> _About this exercise_: For each line below with the word "cosh", write out a copy.

:: Material shown ::

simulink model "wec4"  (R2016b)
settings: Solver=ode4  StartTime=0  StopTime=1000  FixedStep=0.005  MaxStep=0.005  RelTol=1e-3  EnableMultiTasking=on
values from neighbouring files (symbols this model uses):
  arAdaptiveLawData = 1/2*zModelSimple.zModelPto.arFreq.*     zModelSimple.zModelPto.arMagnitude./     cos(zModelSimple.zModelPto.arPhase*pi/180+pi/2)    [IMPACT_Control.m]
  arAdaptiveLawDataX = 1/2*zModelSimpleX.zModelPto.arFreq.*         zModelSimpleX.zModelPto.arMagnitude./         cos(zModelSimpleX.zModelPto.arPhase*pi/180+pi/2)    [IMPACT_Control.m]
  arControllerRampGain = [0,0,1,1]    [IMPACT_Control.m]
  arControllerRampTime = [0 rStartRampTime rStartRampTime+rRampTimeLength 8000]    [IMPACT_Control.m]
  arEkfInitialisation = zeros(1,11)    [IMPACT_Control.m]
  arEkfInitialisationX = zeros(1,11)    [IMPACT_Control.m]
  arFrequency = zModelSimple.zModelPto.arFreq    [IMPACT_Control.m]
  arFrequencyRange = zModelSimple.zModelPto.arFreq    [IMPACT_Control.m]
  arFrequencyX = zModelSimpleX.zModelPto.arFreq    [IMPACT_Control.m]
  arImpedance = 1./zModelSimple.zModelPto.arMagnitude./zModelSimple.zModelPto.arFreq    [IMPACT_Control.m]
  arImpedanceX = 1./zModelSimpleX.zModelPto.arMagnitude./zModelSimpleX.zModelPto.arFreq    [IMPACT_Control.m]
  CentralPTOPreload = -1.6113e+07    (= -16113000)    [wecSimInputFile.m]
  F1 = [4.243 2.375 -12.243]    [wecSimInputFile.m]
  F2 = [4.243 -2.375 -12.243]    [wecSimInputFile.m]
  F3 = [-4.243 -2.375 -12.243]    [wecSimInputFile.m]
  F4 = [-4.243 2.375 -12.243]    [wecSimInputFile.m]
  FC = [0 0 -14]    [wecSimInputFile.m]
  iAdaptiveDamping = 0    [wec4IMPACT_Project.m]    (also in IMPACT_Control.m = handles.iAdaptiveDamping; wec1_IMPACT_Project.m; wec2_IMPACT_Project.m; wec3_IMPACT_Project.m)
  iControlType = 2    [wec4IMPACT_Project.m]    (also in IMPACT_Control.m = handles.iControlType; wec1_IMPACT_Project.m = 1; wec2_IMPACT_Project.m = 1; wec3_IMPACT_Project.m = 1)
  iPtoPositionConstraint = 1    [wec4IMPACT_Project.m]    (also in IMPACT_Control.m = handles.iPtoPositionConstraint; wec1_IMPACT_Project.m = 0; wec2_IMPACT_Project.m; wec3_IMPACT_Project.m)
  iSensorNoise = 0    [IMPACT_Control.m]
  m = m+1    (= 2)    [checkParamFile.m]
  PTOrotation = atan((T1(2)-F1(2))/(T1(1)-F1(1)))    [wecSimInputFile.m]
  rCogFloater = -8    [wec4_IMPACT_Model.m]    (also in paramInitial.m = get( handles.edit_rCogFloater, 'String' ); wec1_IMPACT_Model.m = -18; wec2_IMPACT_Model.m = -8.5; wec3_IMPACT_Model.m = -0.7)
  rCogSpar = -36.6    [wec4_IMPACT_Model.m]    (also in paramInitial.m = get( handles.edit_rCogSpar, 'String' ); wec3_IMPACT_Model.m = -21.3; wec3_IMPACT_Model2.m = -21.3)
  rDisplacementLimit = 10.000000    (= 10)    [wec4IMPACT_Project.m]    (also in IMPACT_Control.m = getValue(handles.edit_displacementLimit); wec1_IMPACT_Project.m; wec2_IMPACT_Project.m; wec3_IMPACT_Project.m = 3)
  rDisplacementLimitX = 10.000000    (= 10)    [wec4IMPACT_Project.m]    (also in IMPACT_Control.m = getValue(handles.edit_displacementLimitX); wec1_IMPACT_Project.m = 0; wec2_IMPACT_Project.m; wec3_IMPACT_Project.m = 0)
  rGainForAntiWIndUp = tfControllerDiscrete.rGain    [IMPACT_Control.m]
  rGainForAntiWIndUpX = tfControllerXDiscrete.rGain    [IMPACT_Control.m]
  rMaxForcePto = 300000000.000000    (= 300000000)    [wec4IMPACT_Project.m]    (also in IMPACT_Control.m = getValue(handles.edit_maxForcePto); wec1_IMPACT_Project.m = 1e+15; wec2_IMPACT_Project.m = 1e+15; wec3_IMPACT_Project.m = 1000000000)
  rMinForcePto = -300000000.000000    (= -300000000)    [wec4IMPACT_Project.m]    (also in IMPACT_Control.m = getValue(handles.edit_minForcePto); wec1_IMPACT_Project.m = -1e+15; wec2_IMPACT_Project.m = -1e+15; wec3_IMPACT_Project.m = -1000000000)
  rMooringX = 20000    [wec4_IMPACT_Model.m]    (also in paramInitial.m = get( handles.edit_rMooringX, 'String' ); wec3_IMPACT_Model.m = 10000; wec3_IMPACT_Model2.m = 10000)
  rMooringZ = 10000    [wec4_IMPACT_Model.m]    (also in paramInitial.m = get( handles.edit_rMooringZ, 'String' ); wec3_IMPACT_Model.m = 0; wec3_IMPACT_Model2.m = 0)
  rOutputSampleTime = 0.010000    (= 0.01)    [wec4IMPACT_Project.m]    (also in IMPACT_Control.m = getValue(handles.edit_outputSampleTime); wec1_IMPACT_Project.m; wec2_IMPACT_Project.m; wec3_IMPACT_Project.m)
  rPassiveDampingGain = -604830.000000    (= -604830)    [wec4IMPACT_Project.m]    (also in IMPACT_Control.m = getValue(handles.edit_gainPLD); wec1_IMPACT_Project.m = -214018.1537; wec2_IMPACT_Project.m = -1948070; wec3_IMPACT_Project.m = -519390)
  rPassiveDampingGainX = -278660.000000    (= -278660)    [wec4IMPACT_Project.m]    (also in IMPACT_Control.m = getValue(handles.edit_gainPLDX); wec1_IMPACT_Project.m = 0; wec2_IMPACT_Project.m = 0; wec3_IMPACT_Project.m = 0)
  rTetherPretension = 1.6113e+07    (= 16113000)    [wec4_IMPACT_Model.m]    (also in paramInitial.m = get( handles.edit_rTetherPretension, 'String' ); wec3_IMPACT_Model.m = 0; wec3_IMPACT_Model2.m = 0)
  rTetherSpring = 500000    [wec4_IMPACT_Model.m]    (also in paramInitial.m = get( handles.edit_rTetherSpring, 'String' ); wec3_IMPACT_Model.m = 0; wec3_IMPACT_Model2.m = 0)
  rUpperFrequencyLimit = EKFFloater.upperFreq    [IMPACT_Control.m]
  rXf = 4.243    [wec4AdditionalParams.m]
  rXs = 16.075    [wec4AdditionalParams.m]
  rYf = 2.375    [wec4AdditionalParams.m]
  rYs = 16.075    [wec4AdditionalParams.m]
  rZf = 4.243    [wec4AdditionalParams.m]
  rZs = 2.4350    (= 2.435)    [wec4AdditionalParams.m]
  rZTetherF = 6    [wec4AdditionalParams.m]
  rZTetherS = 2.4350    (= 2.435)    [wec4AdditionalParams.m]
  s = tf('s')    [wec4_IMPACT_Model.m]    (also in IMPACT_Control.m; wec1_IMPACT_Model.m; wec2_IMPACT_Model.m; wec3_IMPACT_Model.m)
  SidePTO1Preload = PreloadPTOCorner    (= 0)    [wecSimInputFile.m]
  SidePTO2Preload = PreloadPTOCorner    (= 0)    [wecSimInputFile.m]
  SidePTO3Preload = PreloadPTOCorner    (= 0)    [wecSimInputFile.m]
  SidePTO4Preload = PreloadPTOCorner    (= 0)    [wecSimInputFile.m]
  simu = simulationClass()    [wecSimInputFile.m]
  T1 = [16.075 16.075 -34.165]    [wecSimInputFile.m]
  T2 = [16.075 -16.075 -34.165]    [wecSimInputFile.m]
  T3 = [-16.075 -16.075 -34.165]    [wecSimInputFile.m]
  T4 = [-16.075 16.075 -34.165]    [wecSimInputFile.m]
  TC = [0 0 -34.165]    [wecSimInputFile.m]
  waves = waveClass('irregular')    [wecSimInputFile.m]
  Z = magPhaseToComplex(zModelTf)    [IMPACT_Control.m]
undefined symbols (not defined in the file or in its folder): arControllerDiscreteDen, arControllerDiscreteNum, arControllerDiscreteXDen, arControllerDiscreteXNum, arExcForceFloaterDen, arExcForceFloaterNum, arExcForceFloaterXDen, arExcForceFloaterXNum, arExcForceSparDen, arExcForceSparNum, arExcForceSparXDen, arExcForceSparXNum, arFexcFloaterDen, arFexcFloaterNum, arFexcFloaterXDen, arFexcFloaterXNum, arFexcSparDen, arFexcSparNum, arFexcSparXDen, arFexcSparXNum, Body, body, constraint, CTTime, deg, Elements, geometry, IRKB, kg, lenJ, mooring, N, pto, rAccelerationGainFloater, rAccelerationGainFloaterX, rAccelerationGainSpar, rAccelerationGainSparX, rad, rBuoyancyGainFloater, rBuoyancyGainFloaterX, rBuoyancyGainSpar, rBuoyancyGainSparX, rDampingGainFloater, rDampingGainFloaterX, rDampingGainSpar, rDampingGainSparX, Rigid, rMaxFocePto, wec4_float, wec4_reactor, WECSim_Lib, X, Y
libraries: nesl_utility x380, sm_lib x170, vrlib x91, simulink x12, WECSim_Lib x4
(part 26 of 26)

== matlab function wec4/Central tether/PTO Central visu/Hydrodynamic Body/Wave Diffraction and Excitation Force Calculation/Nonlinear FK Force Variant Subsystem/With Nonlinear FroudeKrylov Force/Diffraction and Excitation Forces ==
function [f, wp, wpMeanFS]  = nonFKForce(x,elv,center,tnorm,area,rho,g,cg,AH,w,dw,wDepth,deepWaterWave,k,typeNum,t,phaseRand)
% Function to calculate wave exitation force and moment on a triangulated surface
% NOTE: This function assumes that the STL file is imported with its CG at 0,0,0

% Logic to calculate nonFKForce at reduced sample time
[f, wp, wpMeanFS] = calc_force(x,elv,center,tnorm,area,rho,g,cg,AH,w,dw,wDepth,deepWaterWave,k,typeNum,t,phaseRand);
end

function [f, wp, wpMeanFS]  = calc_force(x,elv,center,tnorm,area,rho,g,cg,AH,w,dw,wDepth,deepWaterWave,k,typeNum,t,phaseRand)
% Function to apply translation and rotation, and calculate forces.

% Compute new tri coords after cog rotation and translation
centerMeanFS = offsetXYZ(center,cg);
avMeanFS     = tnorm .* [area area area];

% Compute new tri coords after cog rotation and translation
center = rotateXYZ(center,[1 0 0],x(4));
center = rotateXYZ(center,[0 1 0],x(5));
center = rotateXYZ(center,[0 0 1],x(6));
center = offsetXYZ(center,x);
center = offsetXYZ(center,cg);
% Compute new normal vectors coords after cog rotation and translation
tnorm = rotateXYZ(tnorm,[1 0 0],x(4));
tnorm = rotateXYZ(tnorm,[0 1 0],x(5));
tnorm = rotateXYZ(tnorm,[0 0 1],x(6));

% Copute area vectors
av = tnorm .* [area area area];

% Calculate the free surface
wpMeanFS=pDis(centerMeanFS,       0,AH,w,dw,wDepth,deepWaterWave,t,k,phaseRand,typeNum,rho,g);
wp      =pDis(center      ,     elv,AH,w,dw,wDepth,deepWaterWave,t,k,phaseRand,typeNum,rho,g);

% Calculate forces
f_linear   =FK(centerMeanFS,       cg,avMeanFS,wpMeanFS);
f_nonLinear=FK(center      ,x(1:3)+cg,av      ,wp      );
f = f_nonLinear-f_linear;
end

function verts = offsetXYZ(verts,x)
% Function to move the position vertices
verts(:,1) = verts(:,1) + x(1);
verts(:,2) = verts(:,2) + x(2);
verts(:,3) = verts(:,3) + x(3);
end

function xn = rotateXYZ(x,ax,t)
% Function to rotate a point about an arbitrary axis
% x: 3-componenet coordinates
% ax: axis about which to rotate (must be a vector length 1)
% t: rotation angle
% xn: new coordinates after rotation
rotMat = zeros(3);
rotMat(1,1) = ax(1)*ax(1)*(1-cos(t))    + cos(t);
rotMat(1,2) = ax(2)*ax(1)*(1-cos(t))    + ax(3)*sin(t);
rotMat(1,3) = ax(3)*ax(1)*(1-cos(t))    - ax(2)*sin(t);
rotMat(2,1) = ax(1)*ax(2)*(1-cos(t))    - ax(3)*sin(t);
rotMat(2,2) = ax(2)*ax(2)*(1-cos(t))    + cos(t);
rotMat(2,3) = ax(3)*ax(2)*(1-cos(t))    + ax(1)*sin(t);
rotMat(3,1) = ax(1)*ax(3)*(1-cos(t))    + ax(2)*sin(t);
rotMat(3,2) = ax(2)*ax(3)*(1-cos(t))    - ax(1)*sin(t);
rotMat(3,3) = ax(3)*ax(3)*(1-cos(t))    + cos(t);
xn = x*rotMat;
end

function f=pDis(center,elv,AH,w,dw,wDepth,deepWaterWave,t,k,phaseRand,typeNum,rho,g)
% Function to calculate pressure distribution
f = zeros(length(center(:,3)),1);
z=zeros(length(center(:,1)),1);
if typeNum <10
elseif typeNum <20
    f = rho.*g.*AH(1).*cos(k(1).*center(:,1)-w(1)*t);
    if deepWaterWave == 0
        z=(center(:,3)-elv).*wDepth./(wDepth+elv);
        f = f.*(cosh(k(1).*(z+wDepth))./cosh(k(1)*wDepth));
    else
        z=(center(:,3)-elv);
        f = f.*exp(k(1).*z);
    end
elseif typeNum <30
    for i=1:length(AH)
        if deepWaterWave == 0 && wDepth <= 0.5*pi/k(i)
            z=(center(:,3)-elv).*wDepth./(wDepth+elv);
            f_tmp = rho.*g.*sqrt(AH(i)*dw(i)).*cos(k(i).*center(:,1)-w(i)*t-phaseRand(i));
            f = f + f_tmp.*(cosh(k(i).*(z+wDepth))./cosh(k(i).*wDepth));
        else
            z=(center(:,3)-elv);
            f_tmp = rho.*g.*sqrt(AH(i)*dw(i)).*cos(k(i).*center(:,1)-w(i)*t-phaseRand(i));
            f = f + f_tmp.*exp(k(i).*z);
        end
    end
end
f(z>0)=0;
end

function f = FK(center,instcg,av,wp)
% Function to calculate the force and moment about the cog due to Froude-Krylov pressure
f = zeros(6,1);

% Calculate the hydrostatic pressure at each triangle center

:::

> _Response to the task_:
        f = f.*(cosh(k(1).*(z+wDepth))./cosh(k(1)*wDepth));
            f = f + f_tmp.*(cosh(k(i).*(z+wDepth))./cosh(k(i).*wDepth));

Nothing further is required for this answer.